PPRSS team manages referrals
For every submitted eForm, a patient file is created in a secure shared record system. Files are transferred to the virtual pharmacist first.
The virtual pharmacist consults CareConnect to confirm health history, including laboratory results and PharmaNet record, then phones the patient to verify actual medication use. They identify prescription renewal needs, document their assessment, and then transfer the file to a virtual physician, noting the best time for a follow-up call to the patient.
After reviewing the information, the virtual physician speaks with the patient to finalize their assessment and determine which prescription renewals they can provide. For some cases, they may send the patient for lab work or recommend an in-person assessment (e.g., at a walk-in clinic or Urgent and Primary Care Centre). The PPRSS physician follows up on any lab work that they order.
When prescription renewals are issued by a PPRSS virtual physician, they are faxed to the pharmacy that submitted the eForm.
With patient consent, once an assessment is completed, the PPRSS team documentation is uploaded to CareConnect.
Real-life Case 1
Vulnerable adult in his 80s living with spouse. Primary care provider closed practice, so they are without one. Prescriptions are invalid and out of pharmacist scope for renewal as primary care provider license is inactive.
What Happened:
Community pharmacist submitted eForm, listing the patient’s three regular Rx (phenytoin, donepezil, escitalopram). PPRSS pharmacist confirmed health history and medication use with spouse (with the patient’s permission), determined reported use appears effective and well tolerated, suggested renewing the three Rx for 90-day supply and transferred care to PPRSS physician.
Outcome
Renewal provided for three Rx. Prescriptions faxed to originating pharmacy.
Real-life Case 2
Person in their early 50s, with longstanding type 2 diabetes and dyslipidemia. The patient’s physician is now retired.
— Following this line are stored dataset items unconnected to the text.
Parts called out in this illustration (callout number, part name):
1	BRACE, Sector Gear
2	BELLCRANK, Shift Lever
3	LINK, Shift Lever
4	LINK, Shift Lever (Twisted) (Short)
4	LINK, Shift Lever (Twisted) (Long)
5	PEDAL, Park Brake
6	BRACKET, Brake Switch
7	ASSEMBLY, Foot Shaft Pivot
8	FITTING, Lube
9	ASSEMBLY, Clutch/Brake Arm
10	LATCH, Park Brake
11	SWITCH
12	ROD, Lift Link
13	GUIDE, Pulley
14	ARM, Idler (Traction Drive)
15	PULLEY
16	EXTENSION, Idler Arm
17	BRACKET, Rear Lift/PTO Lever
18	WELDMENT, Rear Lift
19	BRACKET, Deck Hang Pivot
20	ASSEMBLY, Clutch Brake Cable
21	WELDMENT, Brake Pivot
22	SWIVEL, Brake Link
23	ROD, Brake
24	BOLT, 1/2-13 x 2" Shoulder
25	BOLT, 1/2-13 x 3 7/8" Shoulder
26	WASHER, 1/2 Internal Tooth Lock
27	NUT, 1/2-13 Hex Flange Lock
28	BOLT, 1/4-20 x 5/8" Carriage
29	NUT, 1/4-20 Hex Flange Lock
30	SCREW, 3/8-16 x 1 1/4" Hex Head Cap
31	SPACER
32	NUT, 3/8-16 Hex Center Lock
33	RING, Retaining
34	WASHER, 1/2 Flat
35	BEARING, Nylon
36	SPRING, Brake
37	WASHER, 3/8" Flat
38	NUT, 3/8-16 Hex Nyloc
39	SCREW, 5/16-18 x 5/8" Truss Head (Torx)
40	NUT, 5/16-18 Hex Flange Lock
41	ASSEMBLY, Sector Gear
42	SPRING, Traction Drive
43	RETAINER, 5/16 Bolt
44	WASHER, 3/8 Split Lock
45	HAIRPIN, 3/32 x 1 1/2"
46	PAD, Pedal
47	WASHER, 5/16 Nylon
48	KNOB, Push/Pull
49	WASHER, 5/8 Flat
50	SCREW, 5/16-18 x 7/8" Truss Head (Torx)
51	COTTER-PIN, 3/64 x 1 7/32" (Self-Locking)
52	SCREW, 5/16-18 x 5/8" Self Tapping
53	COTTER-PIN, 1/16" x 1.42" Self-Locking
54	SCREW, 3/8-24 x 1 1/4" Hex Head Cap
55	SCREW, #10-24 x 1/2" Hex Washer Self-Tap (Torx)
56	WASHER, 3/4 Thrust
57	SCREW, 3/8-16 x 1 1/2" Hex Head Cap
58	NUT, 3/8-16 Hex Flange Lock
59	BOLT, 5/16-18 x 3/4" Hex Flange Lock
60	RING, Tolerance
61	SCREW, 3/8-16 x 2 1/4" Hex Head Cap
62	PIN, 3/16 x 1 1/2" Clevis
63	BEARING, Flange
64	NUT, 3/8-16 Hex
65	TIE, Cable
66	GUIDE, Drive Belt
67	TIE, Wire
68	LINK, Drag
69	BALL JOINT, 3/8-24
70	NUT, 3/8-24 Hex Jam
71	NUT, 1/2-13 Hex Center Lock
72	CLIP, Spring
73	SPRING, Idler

Prescriptions are invalid and out of pharmacist scope for renewal as primary care provider license is inactive. The patient is highly motivated to self-manage chronic conditions and has registered themselves on a local family physician waitlist.
What Happened:
eForm to PPRSS submitted by community pharmacist in April 2023, requesting renewals for linagliptin, metformin ER, rosuvastatin. PPRSS pharmacist consulted CareConnect for relevant laboratory results, from December 2022.
PPRSS pharmacist confirmed with the patient:
- Allergy information: None known
- Best Possible Medication History (BPMH):
Rx: 1. Trajenta (linagliptin) 5mg DAILY; 2. Metformin 2000 mg ER DAILY; 3. Rosuvastatin 10mg DAILY
OTC: None
- Diabetes therapies:
- Taking metformin for ~15 years; current dose ~ 10 years; past issues with regular release tablets; tolerates extended-release formulation well
- Started linagliptin at current dose about 5-6 years ago
- Reports A1C ranges between 6.6 and 7.1 and fluctuation largely diet-based; previously had standing order for labs to check every three months. Since physician retired, unclear if standing order for labs will be accepted
- Dyslipidemia therapy:
- Taking rosuvastatin for eight years and reports no side effects
- Lipid values slightly above targets for patients with diabetes of LDL <2 or 50 percent reduction (baseline LDL unknown) and non-HDL <2.6.
PPRSS pharmacist recommendation:
Blood work and renew for three months if results support renewal. PPRSS physician reviewed file and forwarded lab requisition for hemoglobin A1C to local laboratory.
Lab Result April 2023: Hemoglobin A1C 6.9 percent.
Outcome
PPRSS physician able to issue prescription renewals to originating pharmacy after bloodwork reviewed.